I am done with always having to speak perfect Nonviolent Communication. Sometimes I want to use labels. He is an asshole, she is pretty, Kiran is adorable. Yep, as if I am God, judging who is right, who is wrong, who’s good, who’s bad. It seems much more efficient than: “When I hear Kiran say ‘Elly, watch me, I can do a cart wheel!’, and I see him put his hands on the floor, flip his legs over, land on the floor and jump up and down smiling (“My goodness, even ‘smiling’ is an interpretation! If I was a fly on the wall and had no clue about human interactions, I could not use that description. I would say something like: ‘the corners of his lips curl up, his teeth show, his cheeks rise’. You see what a drag it is to describe events in strict observations!”), I feel touched and amused, because I have a need for…”

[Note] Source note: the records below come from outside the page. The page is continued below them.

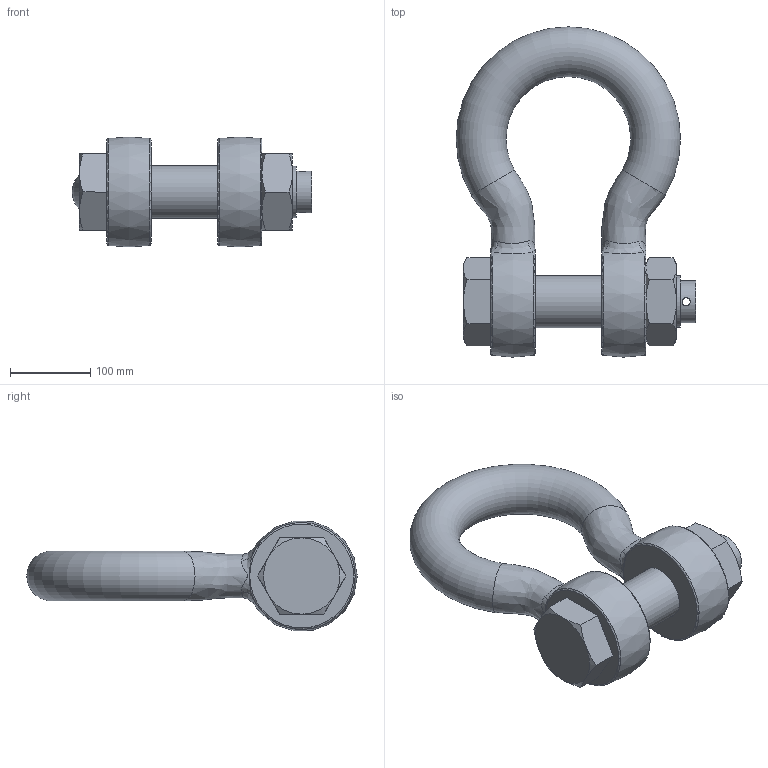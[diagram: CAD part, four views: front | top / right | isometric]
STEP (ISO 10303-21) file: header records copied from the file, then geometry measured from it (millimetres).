
FILE_DESCRIPTION(/* description */ (''),/* implementation_level */ '2;1');
FILE_NAME(/* name */ 'C:\Users\D\Documents\Inventor\HP\吊具\シャックル\BB_2\bb_55.stp',/* time_stamp */ '2024-11-20T10:47:16+09:00',/* author */ ('D'),/* organization */ (''),/* preprocessor_version */ 'ST-DEVELOPER v18',/* originating_system */ 'Autodesk Inventor 2020',/* authorisation */ '');
FILE_SCHEMA (('AUTOMOTIVE_DESIGN { 1 0 10303 214 3 1 1 }'));
Length unit declared in the file: millimetre
Products named in the file (3): bb_55; ba_6; sb_pin_10
Assembly tree (2 placements, depth 2):
  bb_55
    ba_6
    sb_pin_10
Bounding box: 298 x 411 x 136.68 mm (x, y, z)
Volume: 4302001.2 mm3; surface area: 330974.4 mm2
Topology: 4 solids, 4 shells, 69 faces, 169 edges, 109 vertices
Faces by surface type: plane 26, cone 19, bspline 12, cylinder 7, torus 5
Full cylindrical faces by diameter (mm): 10 x1, 52 x1, 64 x2, 65 x1, 67 x2
Entity records: 3811 total; most frequent: CARTESIAN_POINT 2222, ORIENTED_EDGE 334, DIRECTION 293, EDGE_CURVE 167, AXIS2_PLACEMENT_3D 133, VERTEX_POINT 109, EDGE_LOOP 78, CIRCLE 71

I stumble. Which needs are nurtured when I see Kiran’s pride and happiness with his accomplishments? I don’t know! I just find him adorable! Why can’t that be enough? Why do I have to know the needs underneath my label? My critic doesn’t give up. “It helps you to connect with what’s alive in you, what’s important to you. Remember what Socrates said? Gnōthi sauton? Know thyself? That’s the whole point of life. To know yourself.” I sigh. There is some truth in what she says. It might help me to understand myself better. What’s important to me. What my life is about. Gosh, wouldn’t that be a blast? To know what my life is about! Maybe I can start here. With my needs and values, and let life unfold itself. Now it’s not so complicated anymore. I have two different needs: I want easy connection and understanding, and I want to honor the fact that I am limited by my perspective. I am sure I can balance both needs. I just have to sit with it.